**Exercise directions:** Write out word for word each line from the top of the material through the line that has "#7370=EDGE_CURVE('',#7365,#7357,#7369,.T.);". Pictures do not go in.
|---|
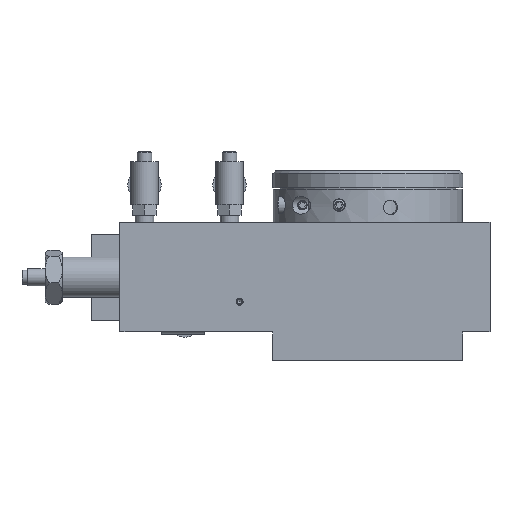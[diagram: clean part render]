
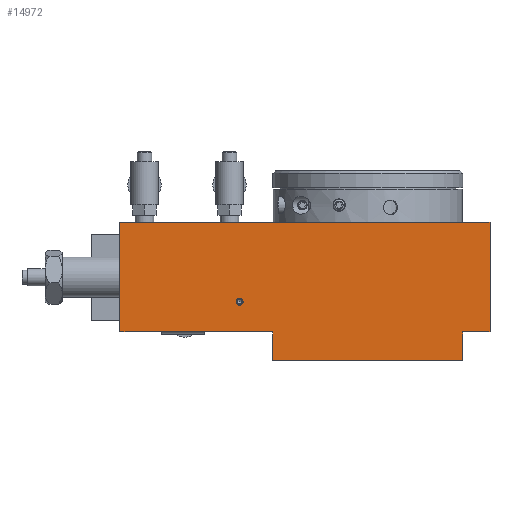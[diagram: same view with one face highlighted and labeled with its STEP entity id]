
A CAD part, front view. The second image highlights one B-rep face of the part: STEP entity #14972.
In plain terms, the highlighted planar face has unit normal (0, -1, 0).
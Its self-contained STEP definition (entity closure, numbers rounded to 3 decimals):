
#741=CARTESIAN_POINT('',(-10.27,-66.,10.5));
#742=VERTEX_POINT('',#741);
#743=CARTESIAN_POINT('',(-11.5,-66.,10.5));
#744=DIRECTION('',(0.0,1.0,0.0));
#745=DIRECTION('',(1.0,0.0,0.0));
#746=AXIS2_PLACEMENT_3D('',#743,#744,#745);
#747=CIRCLE('',#746,1.23);
#748=EDGE_CURVE('',#742,#742,#747,.T.);
#7356=CARTESIAN_POINT('',(75.4,-66.,0.));
#7357=VERTEX_POINT('',#7356);
#7364=CARTESIAN_POINT('',(66.,-66.,0.));
#7365=VERTEX_POINT('',#7364);
#7366=CARTESIAN_POINT('',(66.,-66.,0.));
#7367=DIRECTION('',(1.0,0.0,0.0));
#7368=VECTOR('',#7367,9.4);
#7369=LINE('',#7366,#7368);
#7370=EDGE_CURVE('',#7365,#7357,#7369,.T.);
#7402=CARTESIAN_POINT('',(75.4,-66.,38.));
#7403=VERTEX_POINT('',#7402);
#7410=CARTESIAN_POINT('',(75.4,-66.,0.));
#7411=DIRECTION('',(0.0,0.0,1.0));
#7412=VECTOR('',#7411,38.0);
#7413=LINE('',#7410,#7412);
#7414=EDGE_CURVE('',#7357,#7403,#7413,.T.);
#12195=CARTESIAN_POINT('',(-53.,-66.,38.));
#12196=VERTEX_POINT('',#12195);
#12197=CARTESIAN_POINT('',(-53.,-66.,0.));
#12198=VERTEX_POINT('',#12197);
#12199=CARTESIAN_POINT('',(-53.,-66.,38.));
#12200=DIRECTION('',(0.0,0.0,-1.0));
#12201=VECTOR('',#12200,38.0);
#12202=LINE('',#12199,#12201);
#12203=EDGE_CURVE('',#12196,#12198,#12202,.T.);
#13956=CARTESIAN_POINT('',(0.,-66.,0.));
#13957=VERTEX_POINT('',#13956);
#13964=CARTESIAN_POINT('',(0.,-66.,0.));
#13965=DIRECTION('',(-1.0,0.0,0.0));
#13966=VECTOR('',#13965,53.);
#13967=LINE('',#13964,#13966);
#13968=EDGE_CURVE('',#13957,#12198,#13967,.T.);
#13996=CARTESIAN_POINT('',(75.4,-66.0,38.0));
#13997=DIRECTION('',(-1.0,0.0,0.0));
#13998=VECTOR('',#13997,128.4);
#13999=LINE('',#13996,#13998);
#14000=EDGE_CURVE('',#7403,#12196,#13999,.T.);
#14871=CARTESIAN_POINT('',(0.,-66.,-10.));
#14872=VERTEX_POINT('',#14871);
#14879=CARTESIAN_POINT('',(0.,-66.,-10.));
#14880=DIRECTION('',(0.0,0.0,1.0));
#14881=VECTOR('',#14880,10.0);
#14882=LINE('',#14879,#14881);
#14883=EDGE_CURVE('',#14872,#13957,#14882,.T.);
#14931=CARTESIAN_POINT('',(66.0,-66.,-10.));
#14932=VERTEX_POINT('',#14931);
#14933=CARTESIAN_POINT('',(66.0,-66.,-10.));
#14934=DIRECTION('',(0.0,0.0,1.0));
#14935=VECTOR('',#14934,10.);
#14936=LINE('',#14933,#14935);
#14937=EDGE_CURVE('',#14932,#7365,#14936,.T.);
#14949=CARTESIAN_POINT('',(66.0,-66.,-10.));
#14950=DIRECTION('',(0.0,-1.0,0.0));
#14951=DIRECTION('',(0.0,0.0,-1.0));
#14952=AXIS2_PLACEMENT_3D('',#14949,#14950,#14951);
#14953=PLANE('',#14952);
#14954=ORIENTED_EDGE('',*,*,#14883,.F.);
#14955=CARTESIAN_POINT('',(0.,-66.,-10.));
#14956=DIRECTION('',(1.0,0.0,0.0));
#14957=VECTOR('',#14956,66.0);
#14958=LINE('',#14955,#14957);
#14959=EDGE_CURVE('',#14872,#14932,#14958,.T.);
#14960=ORIENTED_EDGE('',*,*,#14959,.T.);
#14961=ORIENTED_EDGE('',*,*,#14937,.T.);
#14962=ORIENTED_EDGE('',*,*,#7370,.T.);
#14963=ORIENTED_EDGE('',*,*,#7414,.T.);
#14964=ORIENTED_EDGE('',*,*,#14000,.T.);
#14965=ORIENTED_EDGE('',*,*,#12203,.T.);
#14966=ORIENTED_EDGE('',*,*,#13968,.F.);
#14967=EDGE_LOOP('',(#14954,#14960,#14961,#14962,#14963,#14964,#14965,#14966));
#14968=FACE_OUTER_BOUND('',#14967,.T.);
#14969=ORIENTED_EDGE('',*,*,#748,.T.);
#14970=EDGE_LOOP('',(#14969));
#14971=FACE_BOUND('',#14970,.T.);
#14972=ADVANCED_FACE('',(#14968,#14971),#14953,.T.);
|---|
**Response to the exercise:**
[diagram: clean part render]
[diagram: same view with one face highlighted and labeled with its STEP entity id]
A CAD part, front view. The second image highlights one B-rep face of the part: STEP entity #14972.
In plain terms, the highlighted planar face has unit normal (0, -1, 0).
Its self-contained STEP definition (entity closure, numbers rounded to 3 decimals):
#741=CARTESIAN_POINT('',(-10.27,-66.,10.5));
#742=VERTEX_POINT('',#741);
#743=CARTESIAN_POINT('',(-11.5,-66.,10.5));
#744=DIRECTION('',(0.0,1.0,0.0));
#745=DIRECTION('',(1.0,0.0,0.0));
#746=AXIS2_PLACEMENT_3D('',#743,#744,#745);
#747=CIRCLE('',#746,1.23);
#748=EDGE_CURVE('',#742,#742,#747,.T.);
#7356=CARTESIAN_POINT('',(75.4,-66.,0.));
#7357=VERTEX_POINT('',#7356);
#7364=CARTESIAN_POINT('',(66.,-66.,0.));
#7365=VERTEX_POINT('',#7364);
#7366=CARTESIAN_POINT('',(66.,-66.,0.));
#7367=DIRECTION('',(1.0,0.0,0.0));
#7368=VECTOR('',#7367,9.4);
#7369=LINE('',#7366,#7368);
#7370=EDGE_CURVE('',#7365,#7357,#7369,.T.);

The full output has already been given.